- [EXTRACTED DATA]:
╭──

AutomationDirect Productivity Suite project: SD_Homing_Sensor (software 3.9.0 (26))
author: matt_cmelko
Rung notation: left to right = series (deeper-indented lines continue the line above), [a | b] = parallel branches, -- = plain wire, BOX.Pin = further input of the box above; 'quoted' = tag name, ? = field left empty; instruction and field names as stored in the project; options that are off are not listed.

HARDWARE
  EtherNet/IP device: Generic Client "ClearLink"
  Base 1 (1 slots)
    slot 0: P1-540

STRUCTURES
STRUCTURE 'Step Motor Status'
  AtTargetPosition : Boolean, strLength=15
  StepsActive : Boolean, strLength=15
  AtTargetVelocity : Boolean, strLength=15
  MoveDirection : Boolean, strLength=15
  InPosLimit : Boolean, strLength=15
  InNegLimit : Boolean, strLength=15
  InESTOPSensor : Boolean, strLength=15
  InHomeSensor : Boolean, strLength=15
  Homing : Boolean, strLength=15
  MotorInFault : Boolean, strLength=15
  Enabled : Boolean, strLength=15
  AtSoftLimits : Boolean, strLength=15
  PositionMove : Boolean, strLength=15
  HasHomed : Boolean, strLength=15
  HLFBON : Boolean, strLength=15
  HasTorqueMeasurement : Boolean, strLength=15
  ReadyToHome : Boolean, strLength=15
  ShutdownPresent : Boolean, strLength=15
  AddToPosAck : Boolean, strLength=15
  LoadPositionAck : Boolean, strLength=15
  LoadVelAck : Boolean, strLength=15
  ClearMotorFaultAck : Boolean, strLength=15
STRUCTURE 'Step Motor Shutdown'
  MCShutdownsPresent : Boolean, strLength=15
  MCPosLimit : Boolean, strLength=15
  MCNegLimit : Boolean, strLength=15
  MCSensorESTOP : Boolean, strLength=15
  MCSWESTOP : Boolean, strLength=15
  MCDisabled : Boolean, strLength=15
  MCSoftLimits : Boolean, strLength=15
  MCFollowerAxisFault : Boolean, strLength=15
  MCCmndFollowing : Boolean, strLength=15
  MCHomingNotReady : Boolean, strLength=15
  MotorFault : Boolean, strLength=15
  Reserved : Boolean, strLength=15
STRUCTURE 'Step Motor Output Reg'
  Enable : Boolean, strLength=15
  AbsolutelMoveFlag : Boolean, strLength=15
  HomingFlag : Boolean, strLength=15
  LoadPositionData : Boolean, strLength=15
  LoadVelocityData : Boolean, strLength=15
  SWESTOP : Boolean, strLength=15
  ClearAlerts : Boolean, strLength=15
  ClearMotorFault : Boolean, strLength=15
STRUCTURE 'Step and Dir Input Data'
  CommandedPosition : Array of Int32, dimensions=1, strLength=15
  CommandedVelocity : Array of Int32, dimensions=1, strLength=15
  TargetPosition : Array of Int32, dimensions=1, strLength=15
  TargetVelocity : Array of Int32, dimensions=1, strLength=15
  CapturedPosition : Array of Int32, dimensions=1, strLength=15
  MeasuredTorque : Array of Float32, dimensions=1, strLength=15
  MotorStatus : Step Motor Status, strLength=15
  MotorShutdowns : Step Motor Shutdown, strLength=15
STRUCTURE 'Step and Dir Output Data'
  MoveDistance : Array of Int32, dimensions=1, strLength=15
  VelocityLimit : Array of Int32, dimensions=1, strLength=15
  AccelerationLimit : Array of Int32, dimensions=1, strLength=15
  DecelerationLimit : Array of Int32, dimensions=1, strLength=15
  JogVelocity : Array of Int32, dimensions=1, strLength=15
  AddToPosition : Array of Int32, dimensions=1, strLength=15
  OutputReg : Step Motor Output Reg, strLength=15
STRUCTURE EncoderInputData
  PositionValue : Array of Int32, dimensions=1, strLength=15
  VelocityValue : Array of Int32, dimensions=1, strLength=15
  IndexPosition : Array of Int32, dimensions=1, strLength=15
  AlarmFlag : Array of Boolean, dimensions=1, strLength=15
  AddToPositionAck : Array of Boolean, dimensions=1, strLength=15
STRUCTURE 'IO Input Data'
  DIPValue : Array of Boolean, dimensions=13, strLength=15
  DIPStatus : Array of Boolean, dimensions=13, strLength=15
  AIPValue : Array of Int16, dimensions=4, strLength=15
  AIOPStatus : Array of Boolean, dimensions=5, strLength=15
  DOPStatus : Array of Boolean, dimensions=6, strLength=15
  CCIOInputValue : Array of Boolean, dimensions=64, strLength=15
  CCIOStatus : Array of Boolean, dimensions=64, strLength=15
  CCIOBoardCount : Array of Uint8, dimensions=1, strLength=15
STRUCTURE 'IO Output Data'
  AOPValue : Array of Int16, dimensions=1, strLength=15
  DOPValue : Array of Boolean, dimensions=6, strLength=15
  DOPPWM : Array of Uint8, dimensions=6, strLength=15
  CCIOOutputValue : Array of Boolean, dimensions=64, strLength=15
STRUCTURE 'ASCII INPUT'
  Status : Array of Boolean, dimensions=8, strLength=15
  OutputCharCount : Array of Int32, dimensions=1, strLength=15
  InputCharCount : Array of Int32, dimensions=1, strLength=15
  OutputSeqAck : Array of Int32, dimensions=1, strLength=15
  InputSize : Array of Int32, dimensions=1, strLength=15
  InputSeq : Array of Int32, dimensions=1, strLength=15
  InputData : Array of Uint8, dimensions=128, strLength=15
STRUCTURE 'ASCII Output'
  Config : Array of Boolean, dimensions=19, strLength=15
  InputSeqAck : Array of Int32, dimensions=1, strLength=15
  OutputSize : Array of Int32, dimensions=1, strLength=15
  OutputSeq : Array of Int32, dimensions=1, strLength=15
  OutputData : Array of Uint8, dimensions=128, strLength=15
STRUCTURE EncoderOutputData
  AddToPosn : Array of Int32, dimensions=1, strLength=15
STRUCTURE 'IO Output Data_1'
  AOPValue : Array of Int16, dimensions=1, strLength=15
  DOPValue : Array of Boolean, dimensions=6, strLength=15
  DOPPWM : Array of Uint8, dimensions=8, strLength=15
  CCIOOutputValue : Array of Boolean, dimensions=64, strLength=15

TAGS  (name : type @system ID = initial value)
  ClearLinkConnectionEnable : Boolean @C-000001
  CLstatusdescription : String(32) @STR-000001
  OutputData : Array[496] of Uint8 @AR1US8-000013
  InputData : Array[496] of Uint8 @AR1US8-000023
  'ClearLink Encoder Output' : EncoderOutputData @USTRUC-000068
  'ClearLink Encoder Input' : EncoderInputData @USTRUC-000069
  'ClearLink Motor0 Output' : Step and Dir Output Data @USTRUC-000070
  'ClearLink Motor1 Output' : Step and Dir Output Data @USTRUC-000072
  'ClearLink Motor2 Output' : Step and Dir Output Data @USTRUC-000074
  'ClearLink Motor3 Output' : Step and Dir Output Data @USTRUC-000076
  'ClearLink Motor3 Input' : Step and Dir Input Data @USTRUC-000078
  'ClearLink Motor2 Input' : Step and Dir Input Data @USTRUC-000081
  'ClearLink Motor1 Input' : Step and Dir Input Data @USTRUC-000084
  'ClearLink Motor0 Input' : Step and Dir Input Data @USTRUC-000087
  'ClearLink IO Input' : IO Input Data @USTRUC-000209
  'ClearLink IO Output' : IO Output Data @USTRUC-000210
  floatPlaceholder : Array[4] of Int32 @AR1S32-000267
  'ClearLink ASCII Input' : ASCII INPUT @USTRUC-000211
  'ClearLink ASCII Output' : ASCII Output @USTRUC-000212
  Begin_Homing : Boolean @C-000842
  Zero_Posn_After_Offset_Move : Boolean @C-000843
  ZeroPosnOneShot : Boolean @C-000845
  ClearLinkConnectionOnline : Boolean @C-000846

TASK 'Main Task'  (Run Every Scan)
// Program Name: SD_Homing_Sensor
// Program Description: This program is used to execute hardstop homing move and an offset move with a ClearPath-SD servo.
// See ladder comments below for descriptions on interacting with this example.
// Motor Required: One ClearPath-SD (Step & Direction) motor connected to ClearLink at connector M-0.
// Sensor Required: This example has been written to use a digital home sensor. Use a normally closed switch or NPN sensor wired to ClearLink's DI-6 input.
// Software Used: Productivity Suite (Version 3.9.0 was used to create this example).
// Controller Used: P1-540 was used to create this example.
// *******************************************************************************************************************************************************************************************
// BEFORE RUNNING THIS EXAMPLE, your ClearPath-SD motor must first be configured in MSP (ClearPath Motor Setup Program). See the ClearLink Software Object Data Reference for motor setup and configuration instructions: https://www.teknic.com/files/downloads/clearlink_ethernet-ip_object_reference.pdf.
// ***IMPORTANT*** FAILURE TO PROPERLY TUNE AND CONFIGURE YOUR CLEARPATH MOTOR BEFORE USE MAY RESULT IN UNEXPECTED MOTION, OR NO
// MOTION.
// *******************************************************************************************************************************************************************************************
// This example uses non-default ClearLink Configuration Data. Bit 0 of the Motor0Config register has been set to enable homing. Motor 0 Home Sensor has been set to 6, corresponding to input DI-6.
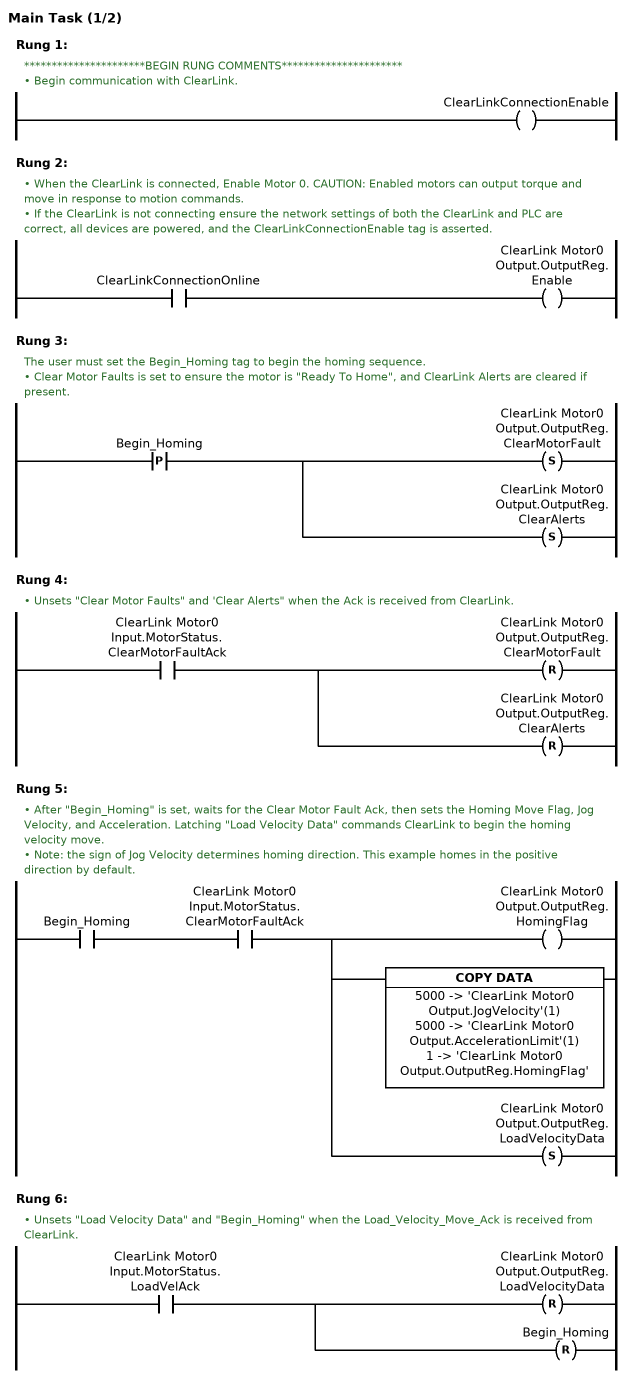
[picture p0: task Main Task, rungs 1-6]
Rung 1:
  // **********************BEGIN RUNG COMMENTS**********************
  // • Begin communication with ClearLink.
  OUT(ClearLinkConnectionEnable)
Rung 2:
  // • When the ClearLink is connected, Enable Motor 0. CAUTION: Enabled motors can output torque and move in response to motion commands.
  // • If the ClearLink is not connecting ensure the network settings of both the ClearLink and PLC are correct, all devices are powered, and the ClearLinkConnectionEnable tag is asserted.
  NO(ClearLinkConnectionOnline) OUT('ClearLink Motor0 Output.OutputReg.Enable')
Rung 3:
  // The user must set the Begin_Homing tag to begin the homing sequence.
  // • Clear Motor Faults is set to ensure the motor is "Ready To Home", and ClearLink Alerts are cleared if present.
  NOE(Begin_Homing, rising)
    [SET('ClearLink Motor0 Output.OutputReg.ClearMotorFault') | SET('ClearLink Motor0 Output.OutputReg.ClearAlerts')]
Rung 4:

╰──

- [WORK REQUEST]:
Search the listing above for "Task" and copy every line that holds it.

- [WRITTEN SOLUTION]:
TASK 'Main Task'  (Run Every Scan)
[picture p0: task Main Task, rungs 1-6]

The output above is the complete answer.